Are you going to take upon yourselves to swear, that
that boy upstairs is the boy that was put through
the little window last night? Out with it!
Come! We are prepared for you!’
The doctor, who was universally considered
one of the best-tempered creatures on earth, made
this demand in such a dreadful tone of anger, that
Giles and Brittles, who were considerably muddled
by ale and excitement, stared at each other in a state
of stupefaction.
‘Pay attention to the reply,
constable, will you?’ said the doctor, shaking
his forefinger with great solemnity of manner, and
tapping the bridge of his nose with it, to bespeak
the exercise of that worthy’s utmost acuteness.
’Something may come of this before long.’

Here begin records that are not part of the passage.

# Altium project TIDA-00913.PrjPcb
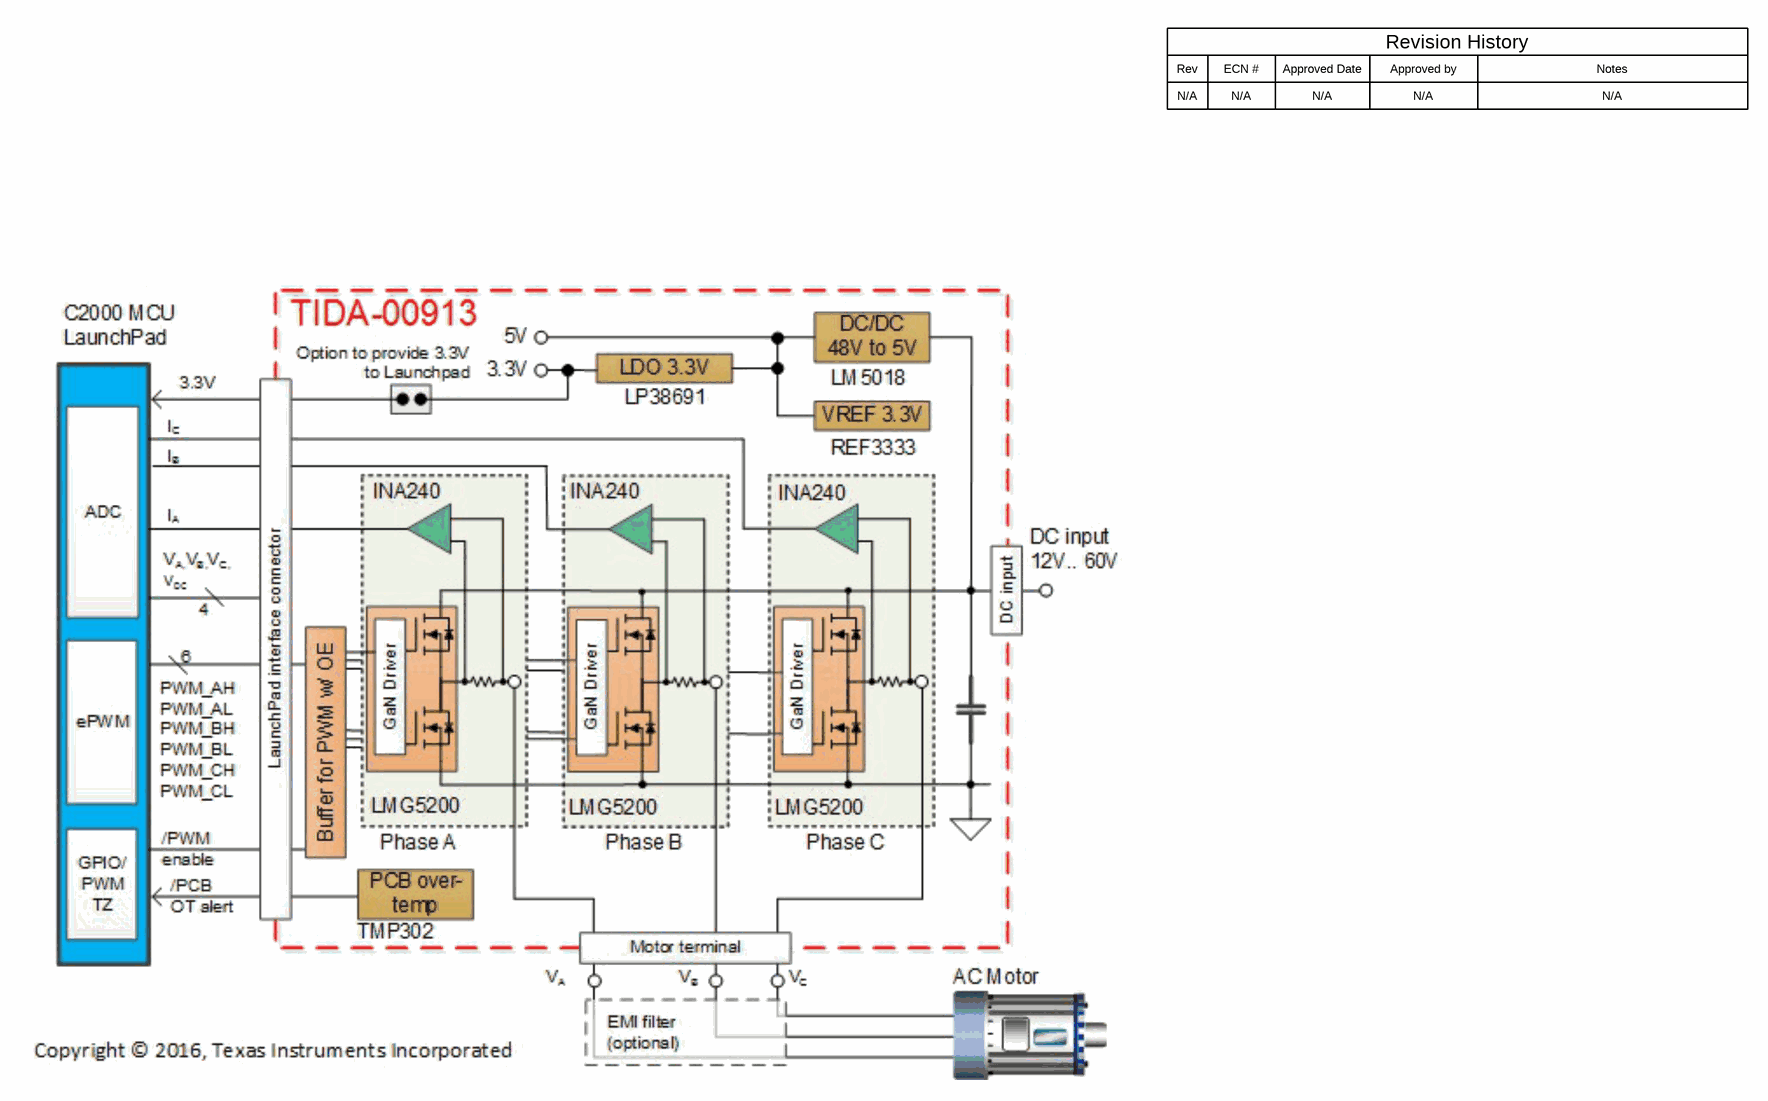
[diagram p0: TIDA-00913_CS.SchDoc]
TID: TIDA-00913; TechSupport: http://www.ti.com/support; SCH_Rev: E1; PRJ_Title: TI Design; PRJ_Number: TIDA-00913; PRJ_Engineer: Zhou/Staebler; PRJ_Customer: Public Release; PCB_Rev: E1; PCB_Layout: Zhou; CopyrightYear: 2016
6 sheets, 182 parts. Net scope: global (net labels, ports and power ports of the same name join across sheets).
Board file: TIDA-00913.PcbDoc
Sheets:
  TIDA-00913_CS.SchDoc
  TIDA-00913_GAN.SchDoc
  TIDA-00913_HW.SchDoc
  TIDA-00913_Interface.SchDoc
  TIDA-00913_PS.SchDoc
  TIDA-00913_Sensing.SchDoc

## Sheet TIDA-00913_CS.SchDoc
size 431 x 279 mm; Date: Not shown in title block; ApprovedBy: Not shown in title block; CheckedBy: Not shown in title block; Author: Not shown in title block; CompanyName: Not shown in title block; Engineer: Not shown in title block; Organization: Not shown in title block; Address1: Not shown in title block; Address2: Not shown in title block; Address3: Not shown in title block; Address4: Not shown in title block; DocumentNumber: 1; Revision: Use project parameter SCH_Rev; SheetNumber: 1; SheetTotal: 3; PageSetup: Record=PageOptions¦CenterHorizontal=True¦CenterVertical=True¦PrintScale=1.00¦XCorrection=1.00¦YCorrection=1.00¦PrintKind=0¦BorderSize=5000000¦LeftOffset=0¦BottomOffset=0¦Orientation=2¦PaperLength=1000¦PaperWidth=1000¦Scale=100¦PaperSource=15¦PrintQuality=600¦MediaType=1¦DitherType=10¦PaperKind=Letter¦PrintScaleMode=1

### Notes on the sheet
- Rev
- N/A
- ECN #
- Approved Date
- Approved by
- Revision History
- Notes

## Sheet TIDA-00913_GAN.SchDoc
size 431 x 279 mm; Date: Not shown in title block; ApprovedBy: Not shown in title block; CheckedBy: Not shown in title block; Author: Not shown in title block; CompanyName: Not shown in title block; Engineer: Not shown in title block; Organization: Not shown in title block; Address1: Not shown in title block; Address2: Not shown in title block; Address3: Not shown in title block; Address4: Not shown in title block; DocumentNumber: 1; Revision: Use project parameter SCH_Rev; SheetNumber: 2; SheetTotal: 3; PageSetup: Record=PageOptions¦CenterHorizontal=True¦CenterVertical=True¦PrintScale=1.00¦XCorrection=1.00¦YCorrection=1.00¦PrintKind=0¦BorderSize=5000000¦LeftOffset=0¦BottomOffset=0¦Orientation=2¦PaperLength=1000¦PaperWidth=1000¦Scale=100¦PaperSource=15¦PrintQuality=600¦MediaType=1¦DitherType=10¦PaperKind=Letter¦PrintScaleMode=1
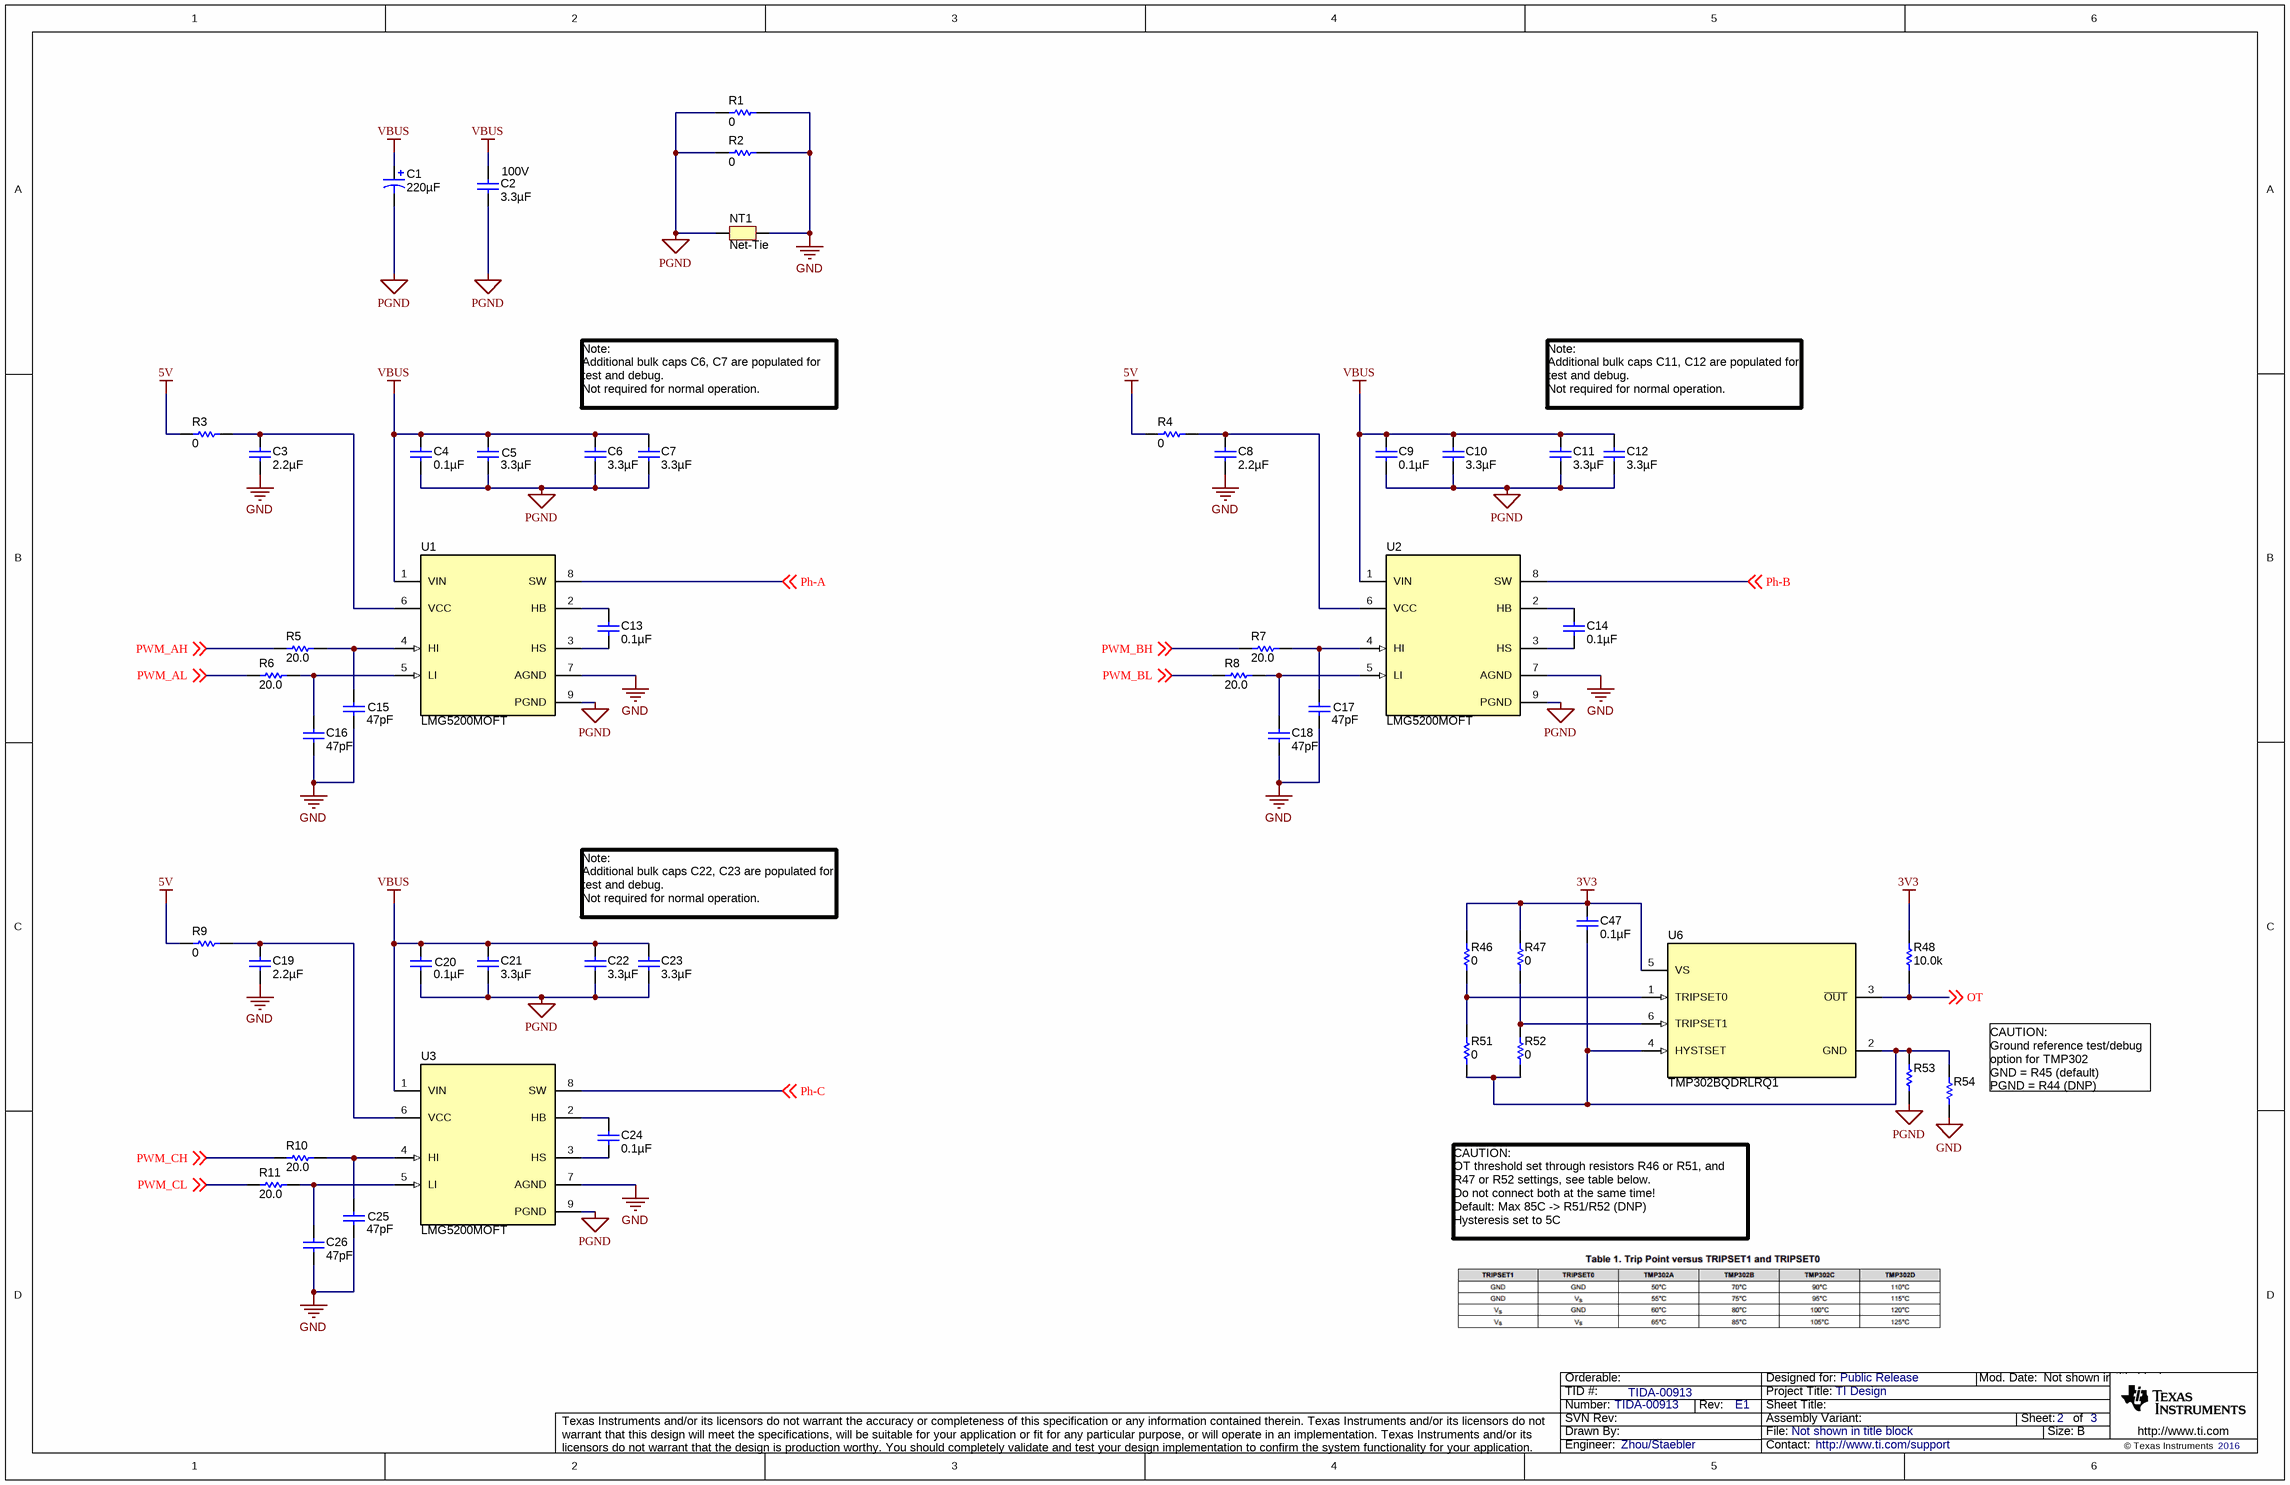
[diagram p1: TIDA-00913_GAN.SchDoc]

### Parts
C1  ValueDisplayed: 220µF  [KYB_1250x3500]  (hidden comment: EKYB101ELL221MK25S)
C2  ValueDisplayed: 3.3µF  Value2: 100V  [1206_190]  (hidden comment: C3216X7S2A335M160AB)
C3  ValueDisplayed: 2.2µF  [0402]  (hidden comment: C1005X5R1A225K050BC)
C4  ValueDisplayed: 0.1µF  [1206_190]  (hidden comment: C3216C0G2A104J160AC)
C5  ValueDisplayed: 3.3µF  [1206_190]  (hidden comment: C3216X7S2A335M160AB)
C6  ValueDisplayed: 3.3µF  [1206_190]  (hidden comment: C3216X7S2A335M160AB)
C7  ValueDisplayed: 3.3µF  [1206_190]  (hidden comment: C3216X7S2A335M160AB)
C8  ValueDisplayed: 2.2µF  [0402]  (hidden comment: C1005X5R1A225K050BC)
C9  ValueDisplayed: 0.1µF  [1206_190]  (hidden comment: C3216C0G2A104J160AC)
C10  ValueDisplayed: 3.3µF  [1206_190]  (hidden comment: C3216X7S2A335M160AB)
C11  ValueDisplayed: 3.3µF  [1206_190]  (hidden comment: C3216X7S2A335M160AB)
C12  ValueDisplayed: 3.3µF  [1206_190]  (hidden comment: C3216X7S2A335M160AB)
C13  ValueDisplayed: 0.1µF  [0402]  (hidden comment: GCM155R71C104KA55D)
C14  ValueDisplayed: 0.1µF  [0402]  (hidden comment: GCM155R71C104KA55D)
C15  ValueDisplayed: 47pF  [0402]  (hidden comment: GRM1555C1E470JA01D)
C16  ValueDisplayed: 47pF  [0402]  (hidden comment: GRM1555C1E470JA01D)
C17  ValueDisplayed: 47pF  [0402]  (hidden comment: GRM1555C1E470JA01D)
C18  ValueDisplayed: 47pF  [0402]  (hidden comment: GRM1555C1E470JA01D)
C19  ValueDisplayed: 2.2µF  [0402]  (hidden comment: C1005X5R1A225K050BC)
C20  ValueDisplayed: 0.1µF  [1206_190]  (hidden comment: C3216C0G2A104J160AC)
C21  ValueDisplayed: 3.3µF  [1206_190]  (hidden comment: C3216X7S2A335M160AB)
C22  ValueDisplayed: 3.3µF  [1206_190]  (hidden comment: C3216X7S2A335M160AB)
C23  ValueDisplayed: 3.3µF  [1206_190]  (hidden comment: C3216X7S2A335M160AB)
C24  ValueDisplayed: 0.1µF  [0402]  (hidden comment: GCM155R71C104KA55D)
C25  ValueDisplayed: 47pF  [0402]  (hidden comment: GRM1555C1E470JA01D)
C26  ValueDisplayed: 47pF  [0402]  (hidden comment: GRM1555C1E470JA01D)
C47  ValueDisplayed: 0.1µF  [0402]  (hidden comment: GCM155R71C104KA55D)
NT1  Net-Tie  [Net-Tie_50milWide_30milLong]  (net tie, no BOM)
R1  ValueDisplayed: 0  [0603]  (hidden comment: MCR03EZPJ000)
R2  ValueDisplayed: 0  [0603]  (hidden comment: MCR03EZPJ000)
R3  ValueDisplayed: 0  [0402]  (hidden comment: CRCW04020000Z0ED)
R4  ValueDisplayed: 0  [0402]  (hidden comment: CRCW04020000Z0ED)
R5  ValueDisplayed: 20.0  [0402]  (hidden comment: CRCW040220R0FKED)
R6  ValueDisplayed: 20.0  [0402]  (hidden comment: CRCW040220R0FKED)
R7  ValueDisplayed: 20.0  [0402]  (hidden comment: CRCW040220R0FKED)
R8  ValueDisplayed: 20.0  [0402]  (hidden comment: CRCW040220R0FKED)
R9  ValueDisplayed: 0  [0402]  (hidden comment: CRCW04020000Z0ED)
R10  ValueDisplayed: 20.0  [0402]  (hidden comment: CRCW040220R0FKED)
R11  ValueDisplayed: 20.0  [0402]  (hidden comment: CRCW040220R0FKED)
R46  ValueDisplayed: 0  [0402]  (hidden comment: CRCW04020000Z0ED)
R47  ValueDisplayed: 0  [0402]  (hidden comment: CRCW04020000Z0ED)
R48  ValueDisplayed: 10.0k  [0402]  (hidden comment: CRCW040210K0FKED)
R51  ValueDisplayed: 0  [0402]  (hidden comment: CRCW04020000Z0ED)
R52  ValueDisplayed: 0  [0402]  (hidden comment: CRCW04020000Z0ED)
R53  MCR03EZPJ000  [0603]  (value not drawn)
R54  MCR03EZPJ000  [0603]  (value not drawn)
U1  LMG5200MOFT  [MOF0009A]
U2  LMG5200MOFT  [MOF0009A]
U3  LMG5200MOFT  [MOF0009A]
U6  TMP302BQDRLRQ1  [DRL0006A]

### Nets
3V3: C47.1 R46.2 R47.2 R48.2 U6.5(VS)
5V: R3.2 R4.2 R9.2
GND: C3.2 C8.2 C15.2 C16.2 C17.2 C18.2 C19.2 C25.2 C26.2 NT1.2 R1.2 R2.2 R54.1 U1.7(AGND) U2.7(AGND) U3.7(AGND)
PGND: C1.2(-) C2.2 C4.2 C5.2 C6.2 C7.2 C9.1 C10.2 C11.2 C12.2 C20.1 C21.2 C22.2 C23.2 NT1.1 R1.1 R2.1 R53.1 U1.9(PGND) U2.9(PGND) U3.9(PGND)
VBUS: C1.1(+) C2.1 C4.1 C5.1 C6.1 C7.1 C9.2 C10.1 C11.1 C12.1 C20.2 C21.1 C22.1 C23.1 U1.1(VIN) U2.1(VIN) U3.1(VIN)
OT: R48.1 U6.3(~{OUT}) ; off-sheet OT
Ph-A: U1.8(SW) ; off-sheet Ph-A
Ph-B: U2.8(SW) ; off-sheet Ph-B
Ph-C: U3.8(SW) ; off-sheet Ph-C
PWM_AH: R5.2 ; off-sheet PWM_AH
PWM_AL: R6.2 ; off-sheet PWM_AL
PWM_BH: R7.2 ; off-sheet PWM_BH
PWM_BL: R8.2 ; off-sheet PWM_BL
PWM_CH: R10.2 ; off-sheet PWM_CH
PWM_CL: R11.2 ; off-sheet PWM_CL
NetC3_1: C3.1 R3.1 U1.6(VCC)
NetC8_1: C8.1 R4.1 U2.6(VCC)
NetC13_1: C13.1 U1.2(HB)
NetC13_2: C13.2 U1.3(HS)
NetC14_1: C14.1 U2.2(HB)
NetC14_2: C14.2 U2.3(HS)
NetC15_1: C15.1 R5.1 U1.4(HI)
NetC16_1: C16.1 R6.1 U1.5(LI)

The constable looked as wise as he
could, and took up his staff of office: which
had been reclining indolently in the chimney-corner.
‘It’s a simple question
of identity, you will observe,’ said the doctor.
‘That’s what it is, sir,’
replied the constable, coughing with great violence;
for he had finished his ale in a hurry, and some of
it had gone the wrong way.
‘Here’s the house broken
into,’ said the doctor, ’and a couple of
men catch one moment’s glimpse of a boy, in the
midst of gunpowder smoke, and in all the distraction
of alarm and darkness. Here’s a boy comes
to that very same house, next morning, and because
he happens to have his arm tied up, these men lay
violent hands upon him—by doing which, they
place his life in great danger—and swear
he is the thief. Now, the question is, whether
these men are justified by the fact; if not, in what
situation do they place themselves?’
The constable nodded profoundly.
He said, if that wasn’t law, he would be glad
to know what was.
‘I ask you again,’ thundered
the doctor, ’are you, on your solemn oaths,
able to identify that boy?’
Brittles looked doubtfully at Mr.
Giles; Mr. Giles looked doubtfully at Brittles; the
constable put his hand behind his ear, to catch the
reply; the two women and the tinker leaned forward
to listen; the doctor glanced keenly round; when a
ring was heard at the gate, and at the same moment,
the sound of wheels.
‘It’s the runners!’
cried Brittles, to all appearance much relieved.
‘The what?’ exclaimed
the doctor, aghast in his turn.
‘The Bow Street officers, sir,’
replied Brittles, taking up a candle; ’me and
Mr. Giles sent for ’em this morning.’
‘What?’ cried the doctor.
‘Yes,’ replied Brittles;
’I sent a message up by the coachman, and I
only wonder they weren’t here before, sir.’
’You did, did you? Then
confound your—slow coaches down here; that’s
all,’ said the doctor, walking away.